About a year ago I specifically took a trip to the DMV, just to remove the “organ donor” designation from my driver’s license. I did this after I had been an “organ donor” for many years, and I did it because of the abuses I have become aware of.
There was an article in N. England J. Med. where doctors removed the hearts of babies who had cardiac arrest but were not brain dead, and transplanted those hearts into other babies. In other words, the hearts of the original babies could have been restarted (cardio-pulmonary resuscitation), and as a matter of fact they have been restarted - but not in the original babies. The original babies have been declared unworthy for life as soon as they went into cardiac arrest, their hearts were removed, transplanted, and restarted in the recipient babies. The whole article provoked a strong wave of criticism. And this is just one high-profile example of abuse, one that was published in a leading medical journal, and the team of authors apparently didn’t see just how wrong they were, for else they wouldn’t have done this to dozens of babies. They (the authors) apparently just saw this as a new great achievement in organ transplantation.

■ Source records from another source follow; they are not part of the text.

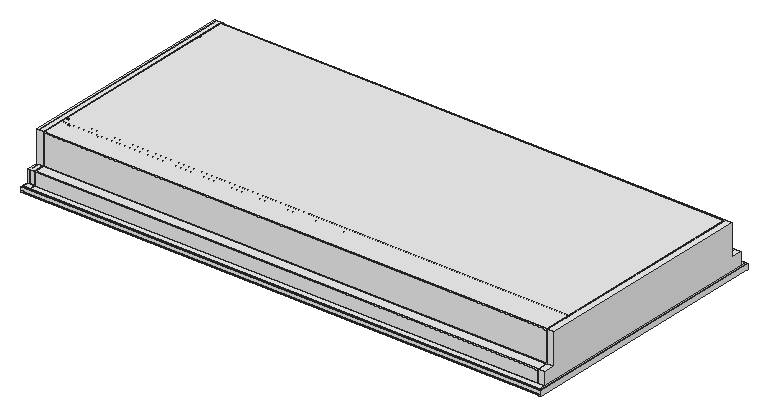
Revit family "CRUo", category Lighting Fixtures, host Ceiling, Revit 2023
Family settings
  Host = Ceiling
  Round Connector Dimension = Use Diameter
  Part Type = Normal
  OmniClass Number = 23.80.70.11.14.17
  OmniClass Title = Direct/Indirect
  Always vertical = Yes
  Cut with Voids When Loaded = No
  Light Source = Yes
  Maintain Annotation Orientation = No
  Shared = No
  Room Calculation Point = No
Parameters (values of type "CRUo-2X4-LED840K120LUNV-P103")
  Width = 1' - 11 3/4"
  Wattage = 99.0488 W
  built-in parameter 1150110 = 1 (stored number, unit not read)
  Voltage = 120 V
  URL = "https://viscor.com/products/cruo"
  built-in parameter 1114217 = 0.9 (stored number, unit not read)
  Tilt Angle = 90.00°
  built-in parameter 1150109 = 1 (stored number, unit not read)
  built-in parameter 1150134 = 12
  built-in parameter 1150113 = 1 (stored number, unit not read)
  Photometric Web File = "CRUo-2X4-LED840K120LUNV-P103.ies"
  Model = "CRUo"  # constant formula
  Manufacturer = "Certolux By Viscor"  # constant formula
  Lumens = 11975 lm
  built-in parameter 1150115 = 1 (stored number, unit not read)
  built-in parameter 1150105 = 952.94 (stored number, unit not read)
  built-in parameter 1150137 = (empty or 0)
  built-in parameter 1150139 = (empty or 0)
  Lens Finish = Polycarbonate - Viscor - Clear Lens
  Length = 3' - 11 3/4"
  Lamp Wattage = 99 VA
  built-in parameter 1150112 = 1 (stored number, unit not read)
  built-in parameter 1150114 = 1 (stored number, unit not read)
  Lamp = "LED"  # constant formula
  built-in parameter 1150132 = (empty or 0)
  built-in parameter 1150102 = (empty or 0)
  built-in parameter 1150138 = (empty or 0)
  built-in parameter 1150107 = 4000 (stored number, unit not read)
  built-in parameter 1150106 = 9.5294 (stored number, unit not read)
  Housing Finish = Metal - Viscor - White
  Emit from Rectangle Width = Width  # 1' - 11 3/4"
  Emit from Rectangle Length = Length  # 3' - 11 3/4"
  Emit Shape Visible in Rendering = no
  built-in parameter 1150104 = 11.232 (stored number, unit not read)
  Dimming Lamp Color Temperature Shift = <None>
  Description = "LED Cleanroom Recessed with Overlapping Doorframe"  # constant formula
  Default Elevation = 0' - 0"
  Color Filter = 16777215
  built-in parameter 1114218 = 1 (stored number, unit not read)
  built-in parameter 1150133 = 10 (stored number, unit not read)
  Assembly Code = ""
  Apparent Load = Lamp Wattage  # 99 VA
Types (16): name | Width | Wattage | Photometric Web File | Lumens | built-in parameter 1150105 | Lens Finish | Length | Lamp Wattage | built-in parameter 1150106 | Emit from Rectangle Width | Emit from Rectangle Length | built-in parameter 1150104 | Assembly Code | Apparent Load
  (no name) | 1' - 11 3/4" | 99.0488 W | "CRUo-2X4-LED840K120LUNV-P103.ies" | 11975 lm | 952.94 (stored number, unit not read) | Polycarbonate - Viscor - Clear Lens | 3' - 11 3/4" | 99 VA | 9.5294 (stored number, unit not read) | 1' - 11 3/4" | 3' - 11 3/4" | 11.232 (stored number, unit not read) | "" | 99 VA
  CRUo-1X4-LED840K035LUNV-DSA | 0' - 11 3/4" | 32 W | "CRUo-1X4-LED840K035LUNV-DSA.ies" | 3584 lm | 285.21 (stored number, unit not read) | Acrylic - Viscor - Frosted Prismatic P12 | 3' - 11 3/4" | 32 VA | 2.8521 (stored number, unit not read) | 0' - 11 3/4" | 3' - 11 3/4" | 10.405 (stored number, unit not read) | "" | 32 VA
  CRUo-2X2-LED840K035LUNV-DSA | 1' - 11 3/4" | 31 W | "CRUo-2X2-LED840K035LUNV-DSA.ies" | 3565 lm | 283.69 (stored number, unit not read) | Acrylic - Viscor - Frosted Prismatic P12 | 1' - 11 3/4" | 31 VA | 2.8369 (stored number, unit not read) | 1' - 11 3/4" | 1' - 11 3/4" | 10.684 (stored number, unit not read) | "" | 31 VA
  CRUo-2X4-LED840K055LUNV-DSA | 1' - 11 3/4" | 45 W | "CRUo-2X4-LED840K55LUNV-DSA.IES" | 5535 lm | 440.46 (stored number, unit not read) | Acrylic - Viscor - Frosted Prismatic P12 | 3' - 11 3/4" | 45 VA | 4.4046 (stored number, unit not read) | 1' - 11 3/4" | 3' - 11 3/4" | 11.427 (stored number, unit not read) | "" | 45 VA
  CRUo-1X4-LED840K055LUNV-DSA | 0' - 11 3/4" | 51 W | "CRUo-1X4-LED840K055LUNV-DSA.ies" | 5559 lm | 442.37 (stored number, unit not read) | Acrylic - Viscor - Frosted Prismatic P12 | 3' - 11 3/4" | 51 VA | 4.4237 (stored number, unit not read) | 0' - 11 3/4" | 3' - 11 3/4" | 10.126 (stored number, unit not read) | "" | 51 VA
  CRUo-1X4-LED840K070LUNV-DSA | 0' - 11 3/4" | 68 W | "CRUo-1X4-LED840K070LUNV-DSA.ies" | 7072 lm | 562.77 (stored number, unit not read) | Acrylic - Viscor - Frosted Prismatic P12 | 3' - 11 3/4" | 68 VA | 5.6277 (stored number, unit not read) | 0' - 11 3/4" | 3' - 11 3/4" | 9.6619 (stored number, unit not read) | "" | 68 VA
  CRUo-1X4-LED840K100LUNV-DSA | 0' - 11 3/4" | 96 W | "CRUo-1X4-LED840K100LUNV-DSA.ies" | 10080 lm | 802.14 (stored number, unit not read) | Acrylic - Viscor - Frosted Prismatic P12 | 3' - 11 3/4" | 96 VA | 8.0214 (stored number, unit not read) | 0' - 11 3/4" | 3' - 11 3/4" | 9.7548 (stored number, unit not read) | "D5020200" | 96 VA
  CRUo-2X2-LED840K055LUNV-DSA | 1' - 11 3/4" | 50 W | "CRUo-2X2-LED840K055LUNV-DSA.ies" | 5550 lm | 441.65 (stored number, unit not read) | Acrylic - Viscor - Frosted Prismatic P12 | 1' - 11 3/4" | 50 VA | 4.4165 (stored number, unit not read) | 1' - 11 3/4" | 1' - 11 3/4" | 10.312 (stored number, unit not read) | "" | 50 VA
  CRUo-2X2-LED840K070LUNV-DSA | 1' - 11 3/4" | 65 W | "CRUo-2X2-LED840K070LUNV-DSA.ies" | 7020 lm | 558.63 (stored number, unit not read) | Acrylic - Viscor - Frosted Prismatic P12 | 1' - 11 3/4" | 65 VA | 5.5863 (stored number, unit not read) | 1' - 11 3/4" | 1' - 11 3/4" | 10.034 (stored number, unit not read) | "" | 65 VA
  CRUo-2X2-LED840K100LUNV-DSA | 1' - 11 3/4" | 93 W | "CRUo-2X2-LED840K100LUNV-DSA.ies" | 10137 lm | 806.68 (stored number, unit not read) | Acrylic - Viscor - Frosted Prismatic P12 | 1' - 11 3/4" | 93 VA | 8.0668 (stored number, unit not read) | 1' - 11 3/4" | 1' - 11 3/4" | 10.126 (stored number, unit not read) | "" | 93 VA
  CRUo-2X4-LED840K070LUNV-DSA | 1' - 11 3/4" | 59 W | "CRUo-2X4-LED840K70LUNV-DSA.IES" | 7080 lm | 563.41 (stored number, unit not read) | Acrylic - Viscor - Frosted Prismatic P12 | 3' - 11 3/4" | 59 VA | 5.6341 (stored number, unit not read) | 1' - 11 3/4" | 3' - 11 3/4" | 11.148 (stored number, unit not read) | "" | 59 VA
  CRUo-2X4-LED840K100LUNV-DSA | 1' - 11 3/4" | 80 W | "CRUo-2X4-LED840K100LUNV-DSA.ies" | 10080 lm | 802.14 (stored number, unit not read) | Acrylic - Viscor - Frosted Prismatic P12 | 3' - 11 3/4" | 80 VA | 8.0214 (stored number, unit not read) | 1' - 11 3/4" | 3' - 11 3/4" | 11.706 (stored number, unit not read) | "" | 80 VA
  CRUo-2X4-LED840K120LUNV-DSA | 1' - 11 3/4" | 99 W | "CRUo-2X4-LED840K120LUNV-DSA.ies" | 12078 lm | 961.14 (stored number, unit not read) | Acrylic - Viscor - Frosted Prismatic P12 | 3' - 11 3/4" | 99 VA | 9.6114 (stored number, unit not read) | 1' - 11 3/4" | 3' - 11 3/4" | 11.334 (stored number, unit not read) | "" | 99 VA
  CRUo-2X4-LED840K180LUNV-DSA | 1' - 11 3/4" | 143 W | "CRUo-2X4-LED840K180LUNV-DSA.ies" | 18161 lm | 1445.2 (stored number, unit not read) | Acrylic - Viscor - Frosted Prismatic P12 | 3' - 11 3/4" | 143 VA | 14.452 (stored number, unit not read) | 1' - 11 3/4" | 3' - 11 3/4" | 11.799 (stored number, unit not read) | "" | 143 VA
  CRUo-2X4-LED840K240LUNV-DSA | 1' - 11 3/4" | 198 W | "CRUo-2X4-LED840K240LUNV-DSA.ies" | 24156 lm | 1922.3 (stored number, unit not read) | Acrylic - Viscor - Frosted Prismatic P12 | 3' - 11 3/4" | 198 VA | 19.223 (stored number, unit not read) | 1' - 11 3/4" | 3' - 11 3/4" | 11.334 (stored number, unit not read) | "" | 198 VA
  CRUo-2X4-LED840K120LUNV-P103 | 1' - 11 3/4" | 99.0488 W | "CRUo-2X4-LED840K120LUNV-P103.ies" | 11975 lm | 952.94 (stored number, unit not read) | Polycarbonate - Viscor - Clear Lens | 3' - 11 3/4" | 99 VA | 9.5294 (stored number, unit not read) | 1' - 11 3/4" | 3' - 11 3/4" | 11.232 (stored number, unit not read) | "" | 99 VA
Reference planes (in)
  plane 1 "Light Source Axis (F/B)": y = 0
  plane 2 "Ceiling": z = 96
  plane 3 "Light Source Axis (L/R)": x = 0
  plane 4 "Light Source Elevation": z = 95
  plane 5: y = 11.875
  plane 6: y = -11.875
  plane 7 "Left": x = -23.875
  plane 8 "Right": x = 23.875
  plane 9: x = -23.25
  plane 10: x = 23.25
  plane 11: x = -22.625
  plane 12: x = 22.625
  plane 13 "USofFrame": z = 96.045
  plane 14: y = -11.25
  plane 15: y = 11.25
  plane 16 "Lens": z = 96.17
  plane 17: x = -24
  plane 18: x = 24
Forms (in)
  Extrusion 1, solid, material "Metal - Viscor - White" <- "Housing Finish"
    sketch origin (0, 0, 0) x (0, 1, 0) y (0, 0, 1)
      loop
        arc (11.3015, 97.168) -> (11.28217, 97.21467) -> (11.2355, 97.234) r 0.066
        line (11.2355, 97.234) -> (10.3115, 97.234)
        arc (10.3115, 97.234) -> (10.29029, 97.24279) -> (10.2815, 97.264) r 0.03
        line (10.2815, 97.264) -> (10.2815, 100.007)
        arc (10.2815, 100.007) -> (10.26217, 100.05367) -> (10.2155, 100.073) r 0.066
        line (10.2155, 100.073) -> (-10.2155, 100.073)
        arc (-10.2155, 100.073) -> (-10.26217, 100.05367) -> (-10.2815, 100.007) r 0.066
        line (-10.2815, 100.007) -> (-10.2815, 97.264)
        arc (-10.2815, 97.264) -> (-10.29029, 97.24279) -> (-10.3115, 97.234) r 0.03
        line (-10.3115, 97.234) -> (-11.2355, 97.234)
        arc (-11.2355, 97.234) -> (-11.28217, 97.21467) -> (-11.3015, 97.168) r 0.066
        line (-11.3015, 97.168) -> (-11.3015, 96.073) -> (-11.26634, 96.073) -> (-11.26634, 97.168)
        arc (-11.26634, 97.168) -> (-11.25731, 97.18981) -> (-11.2355, 97.19884) r 0.03084
        line (-11.2355, 97.19884) -> (-10.3115, 97.19884)
        arc (-10.3115, 97.19884) -> (-10.26543, 97.21793) -> (-10.24634, 97.264) r 0.06516
        line (-10.24634, 97.264) -> (-10.24634, 100.007)
        arc (-10.24634, 100.007) -> (-10.23731, 100.02881) -> (-10.2155, 100.03784) r 0.03084
        line (-10.2155, 100.03784) -> (10.2155, 100.03784)
        arc (10.2155, 100.03784) -> (10.23731, 100.02881) -> (10.24634, 100.007) r 0.03084
        line (10.24634, 100.007) -> (10.24634, 97.264)
        arc (10.24634, 97.264) -> (10.26543, 97.21793) -> (10.3115, 97.19884) r 0.06516
        line (10.3115, 97.19884) -> (11.2355, 97.19884)
        arc (11.2355, 97.19884) -> (11.25731, 97.18981) -> (11.26634, 97.168) r 0.03084
        line (11.26634, 97.168) -> (11.26634, 96.073) -> (11.3015, 96.073) -> (11.3015, 97.168)
    from -23.25 to 23.25
  Extrusion 2, solid
    sketch origin (0, 0, 0) x (0, 1, 0) y (0, 0, 1)
      loop
        arc (7.664, 100.03702) -> (7.61097, 100.01506) -> (7.58901, 99.96204) r 0.07499
        line (7.58901, 99.96204) -> (7.589, 99.487)
        arc (7.589, 99.487) -> (7.57758, 99.45942) -> (7.55, 99.448) r 0.039
        line (7.55, 99.448) -> (-7.55, 99.448)
        arc (-7.55, 99.448) -> (-7.57758, 99.45942) -> (-7.589, 99.487) r 0.039
        line (-7.589, 99.487) -> (-7.589, 99.96195)
        arc (-7.589, 99.96195) -> (-7.61097, 100.01498) -> (-7.664, 100.037) r 0.075
        line (-7.664, 100.037) -> (-8.214, 100.037) -> (-8.214, 100.00184) -> (-7.664, 100.00179)
        arc (-7.664, 100.00179) -> (-7.63583, 99.99012) -> (-7.62416, 99.96195) r 0.03984
        line (-7.62416, 99.96195) -> (-7.62416, 99.487)
        arc (-7.62416, 99.487) -> (-7.60244, 99.43456) -> (-7.55, 99.41284) r 0.07416
        line (-7.55, 99.41284) -> (7.55, 99.41284)
        arc (7.55, 99.41284) -> (7.60244, 99.43456) -> (7.62417, 99.487) r 0.07416
        line (7.62417, 99.487) -> (7.62417, 99.96204)
        arc (7.62417, 99.96204) -> (7.63583, 99.9902) -> (7.664, 100.00187) r 0.03983
        line (7.664, 100.00187) -> (8.214, 100.00187) -> (8.214, 100.03702) -> (7.664, 100.03702)
    from -23.25 to 23.25
  Extrusion 3, solid, material "Metal - Viscor - White" <- "Housing Finish"
    sketch origin (0, 0, 0) x (0, 1, 0) y (0, 0, 1)
      loop
        line (11.299, 96.095) -> (11.299, 97.234) -> (10.2815, 97.234) -> (10.2815, 100.073) -> (-10.2815, 100.073) -> (-10.2815, 97.234) -> (-11.3015, 97.234) -> (-11.3015, 96.095) -> (11.299, 96.095)
    from -23.875 to -23.25
  Extrusion 4, void
    sketch origin (-23.25, 0, 0) x (0, -1, 0) y (0, 0, 1)
      loop
        line (10.24634, 100.03784) -> (-10.24634, 100.03784) -> (-10.24634, 97.19884) -> (-11.26384, 97.19884) -> (-11.26384, 96.13016) -> (11.26634, 96.13016) -> (11.26634, 97.19884) -> (10.24634, 97.19884) -> (10.24634, 100.03784)
    from 0 to 0.47339
  Extrusion 5, solid, material "Metal - Viscor - White" <- "Housing Finish"
    sketch origin (0, 0, 0) x (0, 1, 0) y (0, 0, -1)
      loop
        line (11.299, -96.095) -> (-11.3015, -96.095) -> (-11.3015, -97.234) -> (-10.2815, -97.234) -> (-10.2815, -100.073) -> (10.2815, -100.073) -> (10.2815, -97.234) -> (11.299, -97.234) -> (11.299, -96.095)
    from -23.875 to -23.25
  Extrusion 6, void
    sketch origin (23.25, 0, 0) x (0, -1, 0) y (0, 0, -1)
      loop
        line (10.24634, -100.03784) -> (10.24634, -97.19884) -> (11.26634, -97.19884) -> (11.26634, -96.13016) -> (-11.26384, -96.13016) -> (-11.26384, -97.19884) -> (-10.24634, -97.19884) -> (-10.24634, -100.03784) -> (10.24634, -100.03784)
    from 0 to 0.47339
  Extrusion 7, solid, material "Metal - Viscor - White" <- "Housing Finish"
    sketch origin (0, 0, 0) x (0, 1, 0) y (0, 0, 1)
      loop
        line (10.39827, 96.724) -> (9.1406, 97.23213) -> (7.45632, 99.38791)
        arc (7.45632, 99.38791) -> (7.43432, 99.40566) -> (7.40677, 99.412) r 0.063
        line (7.40677, 99.412) -> (6.8125, 99.412) -> (6.8125, 99.38075) -> (7.42226, 99.38075) -> (9.12113, 97.20629) -> (10.38657, 96.69503) -> (10.39827, 96.724)
    from -22.625 to 22.625
  Extrusion 8, solid, material "Metal - Viscor - White" <- "Housing Finish"
    sketch origin (0, 0, 0) x (0, -1, 0) y (0, 0, -1)
      loop
        line (10.39827, -96.724) -> (10.38657, -96.69503) -> (9.12113, -97.20629) -> (7.42226, -99.38075) -> (6.8125, -99.38075) -> (6.8125, -99.412) -> (7.40677, -99.412)
        arc (7.40677, -99.412) -> (7.43432, -99.40566) -> (7.45632, -99.38791) r 0.063
        line (7.45632, -99.38791) -> (9.1406, -97.23213) -> (10.39827, -96.724)
    from -22.625 to 22.625
  Extrusion 9, solid, material "Metal - Viscor - White" <- "Housing Finish"
    sketch origin (0, 0, 0) x (0, 1, 0) y (0, 0, 1)
      loop
        line (11.8745, 96) -> (11.8745, 96.04687) -> (11.2715, 96.04688)
        arc (11.2715, 96.04688) -> (11.24313, 96.05863) -> (11.23067, 96.087) r 0.04012
        line (11.23067, 96.087) -> (11.23067, 96.63488) -> (-11.23138, 96.63488) -> (-11.23138, 96.087)
        arc (-11.23138, 96.087) -> (-11.24313, 96.05863) -> (-11.2715, 96.04687) r 0.04012
        line (-11.2715, 96.04687) -> (-11.8745, 96.04687) -> (-11.8745, 96) -> (-11.2715, 96)
        arc (-11.2715, 96) -> (-11.20998, 96.02548) -> (-11.1845, 96.087) r 0.087
        line (-11.1845, 96.087) -> (-11.1845, 96.588) -> (11.18379, 96.588) -> (11.1845, 96.087)
        arc (11.1845, 96.087) -> (11.20998, 96.02548) -> (11.2715, 96) r 0.087
        line (11.2715, 96) -> (11.8745, 96)
    from -23.875 to 23.875
  Extrusion 10, solid, material "Metal - Viscor - White" <- "Housing Finish"
    sketch origin (0, 0, 96) x (1, 0, 0) y (0, 1, 0)
      loop
        line (-23.875, -11.875) -> (-23.25, -11.875) -> (-23.25, 11.875) -> (-23.875, 11.875) -> (-23.875, -11.875)
    from 0 to 0.045
  Extrusion 11, solid, material "Metal - Viscor - White" <- "Housing Finish"
    sketch origin (0, 0, 96) x (1, 0, 0) y (0, 1, 0)
      loop
        line (23.25, -11.875) -> (23.875, -11.875) -> (23.875, 11.875) -> (23.25, 11.875) -> (23.25, -11.875)
    from 0 to 0.045
  Extrusion 12, solid, material "Metal - Viscor - White" <- "Housing Finish"
    sketch origin (0, 0, 96) x (1, 0, 0) y (0, 1, 0)
      loop
        line (-23.25, -11.25) -> (23.25, -11.25) -> (23.25, 11.25) -> (-23.25, 11.25) -> (-23.25, -11.25)
      loop
        line (-22, -10) -> (22, -10) -> (22, 10) -> (-22, 10) -> (-22, -10)
    from 0 to 0.045
  Extrusion 13, void
    sketch origin (43.99109, -53.88196, 0) x (1, 0, 0) y (0, 1, 0)
      loop
        line (-67.86609, 65.75696) -> (-67.86609, 42.00696) -> (-20.11609, 42.00696) -> (-20.11609, 65.75696) -> (-67.86609, 65.75696)
    from 95.75084 to 100.31985
  Extrusion 14, solid, material "Metal - Viscor - White" <- "Housing Finish"
    sketch origin (0, 0, 0) x (0, 1, 0) y (0, 0, 1)
      loop
        line (12, 96) -> (-12, 96) -> (-12, 95.67)
        arc (-12, 95.67) -> (-11.96339, 95.58161) -> (-11.875, 95.545) r 0.125
        line (-11.875, 95.545) -> (11.875, 95.545)
        arc (11.875, 95.545) -> (11.96339, 95.58161) -> (12, 95.67) r 0.125
        line (12, 95.67) -> (12, 96)
    from -24 to 24
  Extrusion 15, void
    sketch origin (0, 0, 96) x (1, 0, 0) y (0, 1, 0)
      loop
        line (-23.9375, -11.9375) -> (23.9375, -11.9375) -> (23.9375, 11.8125) -> (-23.9375, 11.8125) -> (-23.9375, -11.9375)
    from -0.35273 to 0
  Extrusion 16, void
    sketch origin (0, 0, 96) x (1, 0, 0) y (0, 1, 0)
      loop
        line (-21.875, -9.875) -> (21.875, -9.875) -> (21.875, 9.875) -> (-21.875, 9.875) -> (-21.875, -9.875)
    from -0.455 to 0.087
  Extrusion 17, solid, material "Polycarbonate - Viscor - Clear Lens" <- "Lens Finish"
    sketch origin (0, -0.05761, 0) x (0, 1, 0) y (0, 0, 1)
      loop
        line (10.18261, 95.64727) -> (10.18261, 95.89727) -> (-10.2081, 95.89727) -> (-10.2081, 95.64727) -> (10.18261, 95.64727)
    from -22.34151 to 22.24611
Cuts and joins
  Extrusion 4, Extrusion 6 cuts Extrusion 2
  Extrusion 4, Extrusion 6 cuts Extrusion 3
  Extrusion 6 cuts Extrusion 5
  Extrusion 15, Extrusion 16 cuts Extrusion 14
Dimensions and locks (in)
  equal spacing: host sketch curve, plane 3 "Light Source Axis (L/R)", host sketch curve
  equal spacing: host sketch curve, plane 1 "Light Source Axis (F/B)", host sketch curve
  host sketch curve to host sketch curve = 10' - 0"  (x2)
  locked: import instance to host ceiling at 4.109
  equal spacing: plane 7 "Left", plane 3 "Light Source Axis (L/R)", plane 8 "Right"
  "Length": plane 7 "Left" to plane 8 "Right"
  equal spacing: plane 5, plane 1 "Light Source Axis (F/B)", plane 6
  "Width": plane 5 to plane 6
  locked: plane 11 to plane 9 at 0.625
  locked: plane 7 "Left" to plane 9 at 0.625
  plane 12 to plane 10 = 0' - 0 5/8"
  plane 10 to plane 8 "Right" = 0' - 0 5/8"
  locked: plane 13 "USofFrame" to plane 2 "Ceiling" at 0.045
  equal spacing: plane 5, Extrusion 12 sketch curve, Extrusion 12 sketch curve
  equal spacing: plane 7 "Left", Extrusion 12 sketch curve, Extrusion 12 sketch curve
  locked: plane 6 to Extrusion 12 sketch curve at 0.625
  locked: plane 8 "Right" to Extrusion 12 sketch curve at 0.625
  plane 16 "Lens" to plane 13 "USofFrame" = 0' - 0 1/8"
  plane 5 to plane 6 = 1' - 11 3/4"
  locked: Extrusion 14 sketch curve to plane 5 at 0.125
  locked: plane 6 to Extrusion 14 sketch curve at 0.125
  locked: Extrusion 14 sketch curve to Extrusion 14 sketch curve at 0.455
  locked: plane 17 to plane 7 "Left" at 0.125
  locked: Extrusion 17 to plane 5 at 1.75
  locked: Extrusion 17 to plane 11 at 0.28349
  locked: plane 12 to Extrusion 17 at 0.37889
  plane 8 "Right" to plane 7 "Left" = 3' - 11 3/4"
  locked: plane 18 to plane 8 "Right" at 0.125
  plane 2 "Ceiling" to plane 4 "Light Source Elevation" = 0' - 1"
  aligned and locked: plane 3 "Light Source Axis (L/R)" to imposter light
  aligned and locked: plane 1 "Light Source Axis (F/B)" to imposter light
  aligned and locked: plane 4 "Light Source Elevation" to imposter light
  aligned and locked: Extrusion 1 to plane 9
  aligned and locked: plane 10 to Extrusion 1
  aligned and locked: Extrusion 2 to plane 9
  aligned and locked: plane 10 to Extrusion 2
  aligned and locked: Extrusion 3 to plane 7 "Left"
  aligned and locked: plane 9 to Extrusion 3
  aligned and locked: Extrusion 7 to plane 11
  aligned and locked: plane 12 to Extrusion 7
  aligned and locked: Extrusion 8 to plane 11
  aligned and locked: plane 12 to Extrusion 8
  aligned and locked: plane 8 "Right" to cut or joined group of Extrusion 5, Extrusion 6
  aligned and locked: cut or joined group of Extrusion 5, Extrusion 6 to plane 10
  aligned and locked: Extrusion 9 to plane 7 "Left"
  aligned and locked: plane 8 "Right" to Extrusion 9
  aligned and locked: Extrusion 10 sketch curve to plane 7 "Left"
  aligned and locked: plane 9 to Extrusion 10 sketch curve
  aligned and locked: plane 13 "USofFrame" to Extrusion 10
  aligned and locked: Extrusion 11 sketch curve to plane 10
  aligned and locked: Extrusion 11 sketch curve to plane 6
  aligned and locked: plane 5 to Extrusion 11 sketch curve
  aligned and locked: plane 13 "USofFrame" to Extrusion 11
  aligned and locked: plane 13 "USofFrame" to Extrusion 12
  aligned and locked: Extrusion 13 to plane 7 "Left"
  aligned and locked: plane 8 "Right" to Extrusion 13
  aligned and locked: Extrusion 13 to plane 6
  aligned and locked: plane 5 to Extrusion 13
  aligned and locked: Extrusion 14 to plane 17
  aligned and locked: Extrusion 14 to plane 18
Automatic sketch dimensions
  Extrusion 1 sketch curve to Extrusion 1 sketch curve = 0' - 0"  (x12)
  plane 2 "Ceiling" to Extrusion 1 sketch curve = 0' - 0.073"  (x2)
  plane 6 to Extrusion 1 sketch curve = 0' - 0.5735"
  Extrusion 1 sketch curve to Extrusion 1 sketch curve = 0' - 0 9/256"
  Extrusion 1 sketch curve to Extrusion 1 sketch curve = 0' - 0.03084"  (x4)
  Extrusion 1 sketch curve to Extrusion 1 sketch curve = 0' - 0.924"
  Extrusion 1 sketch curve to Extrusion 1 sketch curve = 0' - 0.03"  (x2)
  Extrusion 1 sketch curve to plane 5 = 0' - 1.6595"
  Extrusion 1 sketch curve to plane 5 = 0' - 0.6395"
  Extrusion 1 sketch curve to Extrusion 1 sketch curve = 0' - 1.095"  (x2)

I have been following this field for at least 2-3 years now, and the reports of abuses are becoming more numerous. One only needs to search the archives of such websites as lifesitenews dot com. There is a push to use “cardiopulmonary death” instead of brain death - exactly what they did with the babies. In other words, the doctor will deliberately not try to resuscitate the patient who went into cardiac arrest, and will instead remove his/her heart in order to be transplanted into someone else. Another trend I see, there are numerous reports of people recovering after they have been declared “brain dead”. I don’t know, is this because the doctors are misdiagnosing brain death, and does this mean that the instruments they are relying on are less trustworthy than they believe they are, but the fact is, I see these reports almost weekly at pro-life web sites and also here at CAF in the World News section. There was a recent thread on CAF about someone who recovered after she has been pronounced brain dead, and the doctors wanted to remove this patient’s organs, but the family members refused to give consent. And after this, the “brain dead” patient recovered. How embarrassing.
My point is, there’s too much going on - misdiagnosis, and even deliberate abuse. When a doctor uses cardiopulmonary death as a criterion for death, and chooses to remove the heart instead of trying to resuscitate the patient, that’s pretty bad. I’m not an MD myself, and have no idea how often do such abuses happen. But I’m not a total outsider, either (pharmacist, PhD in chemistry, spent 20+ years working at universities and hospitals), and the reports I have seen convinced me that one is not safe as an “organ donor” from misdiagnosis of death and worse, deliberate murder. Thus, while I’m not against organ donation in principle, I chose to remove myself from the organ donor list.
Also, one of President Obama’s “czars” (maybe the regulatory czar Cass Sunstein but I don’t remember for sure) has been vocal in proposing that anyone should be considered an organ donor, unless he/she explicitely
opts out. Well, for now, you are not an organ donor unless you explicitely
opt in. But if they change the system, I will make sure to explicitely *opt out *of the pool of organ donors.
I think it is a “culture of death” thing to take a utilitarian view of “how can I use this person’s organs”, and to deliberately let people die instead of resuscitating them, as it happened with dozens of babies whose hearts were removed for organ transplantation. I’m convinced such instances will only increase in the future, as long as other forms of legalized murder (abortion, assisted suicide, euthanasia) gain more widespread acceptance in society.